START Record extracts

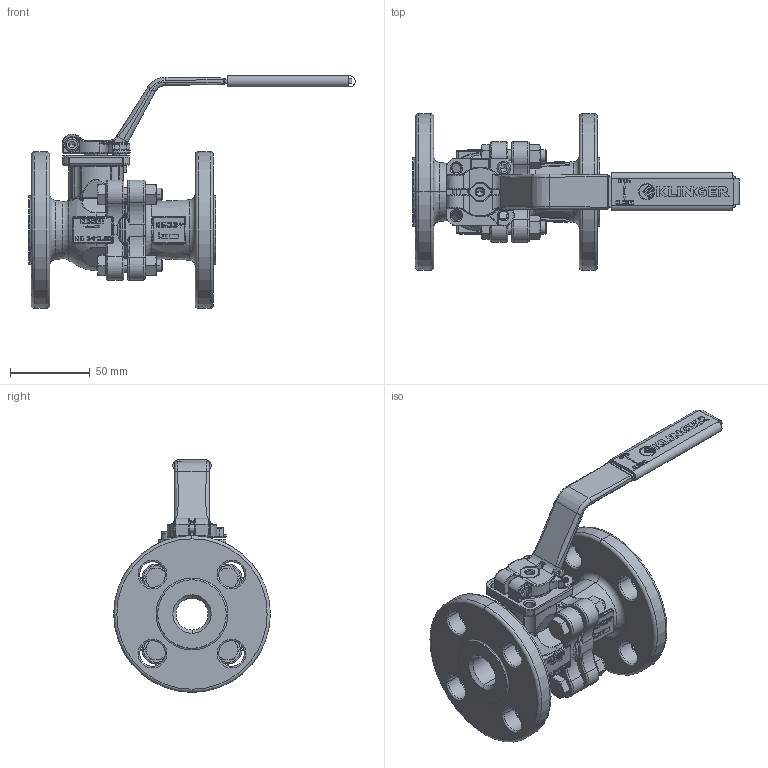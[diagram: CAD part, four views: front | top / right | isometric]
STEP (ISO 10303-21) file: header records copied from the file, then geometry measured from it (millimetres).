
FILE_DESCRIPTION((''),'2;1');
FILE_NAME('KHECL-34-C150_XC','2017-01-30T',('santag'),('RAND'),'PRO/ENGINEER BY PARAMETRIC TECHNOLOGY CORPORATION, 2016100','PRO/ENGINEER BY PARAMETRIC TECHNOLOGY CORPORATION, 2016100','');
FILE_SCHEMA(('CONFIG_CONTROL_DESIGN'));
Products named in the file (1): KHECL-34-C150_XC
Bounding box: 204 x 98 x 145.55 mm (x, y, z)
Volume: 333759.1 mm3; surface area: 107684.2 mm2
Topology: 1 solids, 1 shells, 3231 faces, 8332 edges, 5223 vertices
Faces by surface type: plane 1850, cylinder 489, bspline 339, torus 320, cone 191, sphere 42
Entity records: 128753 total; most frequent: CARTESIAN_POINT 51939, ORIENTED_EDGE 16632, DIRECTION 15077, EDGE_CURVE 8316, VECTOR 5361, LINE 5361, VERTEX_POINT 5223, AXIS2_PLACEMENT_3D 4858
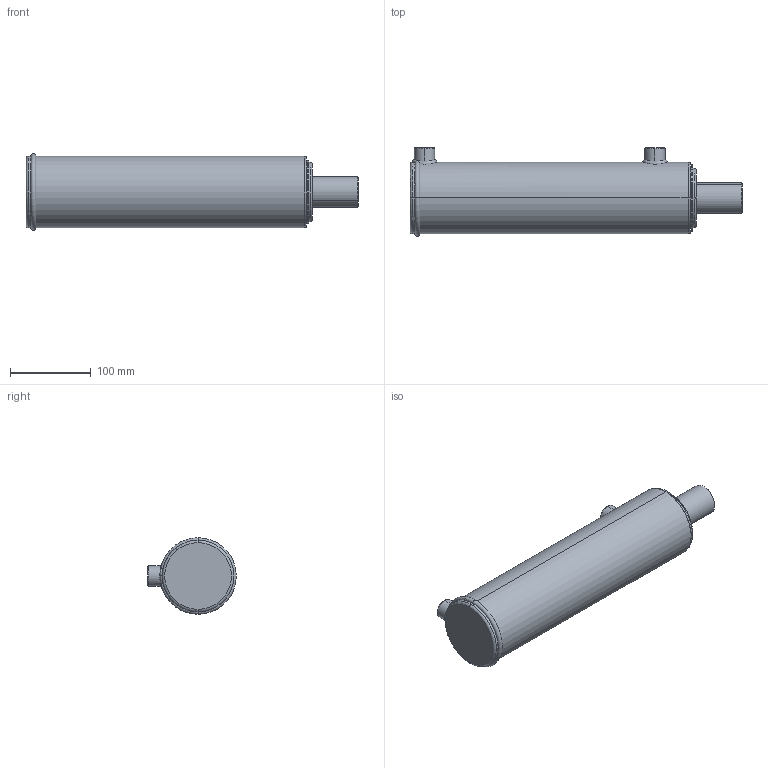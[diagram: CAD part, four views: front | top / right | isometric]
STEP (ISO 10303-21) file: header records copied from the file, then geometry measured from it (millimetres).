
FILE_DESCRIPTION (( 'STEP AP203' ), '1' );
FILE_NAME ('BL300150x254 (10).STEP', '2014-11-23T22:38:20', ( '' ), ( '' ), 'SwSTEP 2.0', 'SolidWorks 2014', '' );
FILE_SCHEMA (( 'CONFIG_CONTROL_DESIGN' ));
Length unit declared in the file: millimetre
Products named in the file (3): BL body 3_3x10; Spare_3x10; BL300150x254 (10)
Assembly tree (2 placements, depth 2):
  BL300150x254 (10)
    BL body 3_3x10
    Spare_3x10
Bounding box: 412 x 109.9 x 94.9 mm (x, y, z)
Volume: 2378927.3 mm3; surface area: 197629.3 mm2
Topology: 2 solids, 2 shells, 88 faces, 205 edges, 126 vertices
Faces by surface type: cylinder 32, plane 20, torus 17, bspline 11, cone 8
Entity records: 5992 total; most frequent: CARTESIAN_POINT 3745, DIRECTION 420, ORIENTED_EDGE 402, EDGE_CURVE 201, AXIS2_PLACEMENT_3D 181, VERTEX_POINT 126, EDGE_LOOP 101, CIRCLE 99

END Record extracts

Required action |
When you copy the lines above, drop the pictures and keep everything else exact.

Result of the task |
[diagram: CAD part, four views: front | top / right | isometric]
STEP (ISO 10303-21) file: header records copied from the file, then geometry measured from it (millimetres).
FILE_DESCRIPTION((''),'2;1');
FILE_NAME('KHECL-34-C150_XC','2017-01-30T',('santag'),('RAND'),'PRO/ENGINEER BY PARAMETRIC TECHNOLOGY CORPORATION, 2016100','PRO/ENGINEER BY PARAMETRIC TECHNOLOGY CORPORATION, 2016100','');
FILE_SCHEMA(('CONFIG_CONTROL_DESIGN'));
Products named in the file (1): KHECL-34-C150_XC
Bounding box: 204 x 98 x 145.55 mm (x, y, z)
Volume: 333759.1 mm3; surface area: 107684.2 mm2
Topology: 1 solids, 1 shells, 3231 faces, 8332 edges, 5223 vertices
Faces by surface type: plane 1850, cylinder 489, bspline 339, torus 320, cone 191, sphere 42
Entity records: 128753 total; most frequent: CARTESIAN_POINT 51939, ORIENTED_EDGE 16632, DIRECTION 15077, EDGE_CURVE 8316, VECTOR 5361, LINE 5361, VERTEX_POINT 5223, AXIS2_PLACEMENT_3D 4858
[diagram: CAD part, four views: front | top / right | isometric]
STEP (ISO 10303-21) file: header records copied from the file, then geometry measured from it (millimetres).
FILE_DESCRIPTION (( 'STEP AP203' ), '1' );
FILE_NAME ('BL300150x254 (10).STEP', '2014-11-23T22:38:20', ( '' ), ( '' ), 'SwSTEP 2.0', 'SolidWorks 2014', '' );
FILE_SCHEMA (( 'CONFIG_CONTROL_DESIGN' ));
Length unit declared in the file: millimetre
Products named in the file (3): BL body 3_3x10; Spare_3x10; BL300150x254 (10)
Assembly tree (2 placements, depth 2):
  BL300150x254 (10)
    BL body 3_3x10
    Spare_3x10
Bounding box: 412 x 109.9 x 94.9 mm (x, y, z)
Volume: 2378927.3 mm3; surface area: 197629.3 mm2
Topology: 2 solids, 2 shells, 88 faces, 205 edges, 126 vertices
Faces by surface type: cylinder 32, plane 20, torus 17, bspline 11, cone 8
Entity records: 5992 total; most frequent: CARTESIAN_POINT 3745, DIRECTION 420, ORIENTED_EDGE 402, EDGE_CURVE 201, AXIS2_PLACEMENT_3D 181, VERTEX_POINT 126, EDGE_LOOP 101, CIRCLE 99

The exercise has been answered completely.